Showcase Higher Education Research and Development Society of Australasia 2015

Systematic curriculum renewal to develop graduate capabilities: Successes and lessons learned from a distributed approach (#52)

Jo McKenzie 1 , Peter Kandlbinder 1 , Lilanthi Ambanpola 1
  1. University of Technology Sydney, Broadway, NSW, Australia

Abstract Content

If students are to develop graduate capabilities, university curriculum design must focus on opportunities for them to develop, be assessed and gain feedback on these capabilities. This showcase will report on the approach and outcomes of the UTS Graduate Attributes Project, which had the aim of developing and assessing discipline-specific graduate capabilities across all UTS courses. The project used a distributed approach to facilitate systematic renewal of the curriculum, balancing the autonomy of Faculties to develop their own graduate attributes and curriculum change approaches with an overarching strategic vision and central framework. Each Faculty was provided with funding to employ a project coordinator along with support from a central team. Over three years, Faculties mapped curricula from graduate attributes down to assessment criteria and renewed learning and assessment approaches to align with the new attributes. Different local leadership approaches were used in different Faculties, with some similar and some differing outcomes. The project has been evaluated in several ways. Faculties completed a spreadsheet at six-monthly intervals, reporting on progress against twelve project stages. A creative reflection workshop was used to gain group feedback on perceptions of the project outcomes, including emergent features. Following this, in depth interviews were conducted with Associate Deans, Faculty GAP coordinators, support team members and two or three academics from each Faculty. The outcomes showed that all courses now had defined graduate attributes and ways of assuring them through assessment. Faculties also reported significant cultural change, with graduate attributes now part of the common language of learning and teaching and a reduction in subject silos.

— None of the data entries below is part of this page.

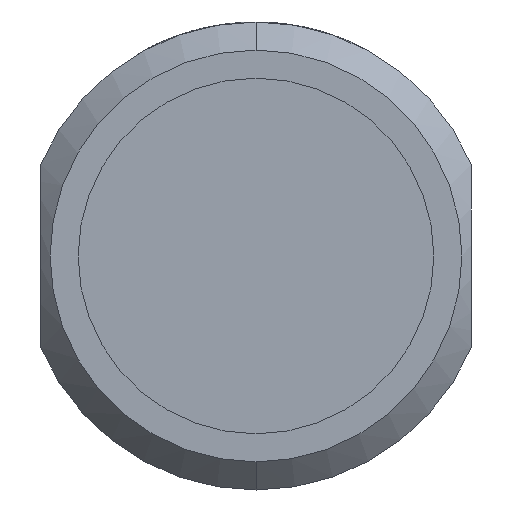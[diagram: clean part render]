
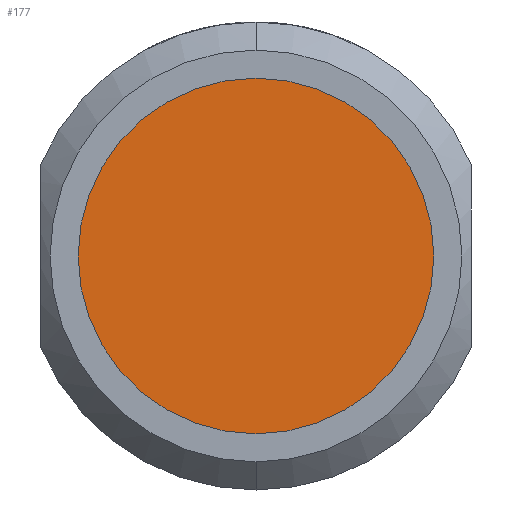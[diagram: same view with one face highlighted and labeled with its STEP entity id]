
A CAD part, front view. The second image highlights one B-rep face of the part: STEP entity #177.
In plain terms, the highlighted planar face has unit normal (0, -1, 0).
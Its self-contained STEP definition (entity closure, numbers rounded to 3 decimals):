
#159 = CARTESIAN_POINT ( 'NONE',  ( 0., 10., 9.5 ) ) ;
#177 = ADVANCED_FACE ( 'NONE', ( #2173 ), #2174, .T. ) ;
#734 = EDGE_CURVE ( 'NONE', #1719, #1148, #2724, .T. ) ;
#1148 = VERTEX_POINT ( 'NONE', #159 ) ;
#1719 = VERTEX_POINT ( 'NONE', #2939 ) ;
#2173 = FACE_OUTER_BOUND ( 'NONE', #5235, .T. ) ;
#2174 = PLANE ( 'NONE',  #2175 ) ;
#2175 = AXIS2_PLACEMENT_3D ( 'NONE', #2176, #2177, #2178 ) ;
#2176 = CARTESIAN_POINT ( 'NONE',  ( 0., 10., 0. ) ) ;
#2177 = DIRECTION ( 'NONE',  ( 0., -1., 0. ) ) ;
#2178 = DIRECTION ( 'NONE',  ( 0., 0., -1. ) ) ;
#2724 = CIRCLE ( 'NONE', #2725, 9.5 ) ;
#2725 = AXIS2_PLACEMENT_3D ( 'NONE', #2726, #2727, #2728 ) ;
#2726 = CARTESIAN_POINT ( 'NONE',  ( 0., 10., 0. ) ) ;
#2727 = DIRECTION ( 'NONE',  ( 0., -1., 0. ) ) ;
#2728 = DIRECTION ( 'NONE',  ( 0., 0., -1. ) ) ;
#2939 = CARTESIAN_POINT ( 'NONE',  ( 0., 10., -9.5 ) ) ;
#4241 = ORIENTED_EDGE ( 'NONE', *, *, #4914, .T. ) ;
#4711 = CIRCLE ( 'NONE', #4712, 9.5 ) ;
#4712 = AXIS2_PLACEMENT_3D ( 'NONE', #4713, #4714, #4715 ) ;
#4713 = CARTESIAN_POINT ( 'NONE',  ( 0., 10., 0. ) ) ;
#4714 = DIRECTION ( 'NONE',  ( 0., -1., 0. ) ) ;
#4715 = DIRECTION ( 'NONE',  ( 0., 0., -1. ) ) ;
#4735 = ORIENTED_EDGE ( 'NONE', *, *, #734, .T. ) ;
#4914 = EDGE_CURVE ( 'NONE', #1148, #1719, #4711, .T. ) ;
#5235 = EDGE_LOOP ( 'NONE', ( #4735, #4241 ) ) ;

The showcase will report on the features of the project approach that facilitated Faculty ownership and successful curriculum change, and the lessons learned for future large-scale change projects.

Addressing the theme/s of the Conference

The showcase addresses the sub-theme “How do we ensure that our students’ learning experiences contribute to the development of their graduate capabilities? What strategies, approaches and policies can support this?” It does this through describing a systematic university approach to curriculum renewal. The approach included university curriculum policies and systems, including the responsive development of a system for Faculties to map curricula from graduate capabilities to individual assessment tasks and criteria and display relevant information in subject outlines for students.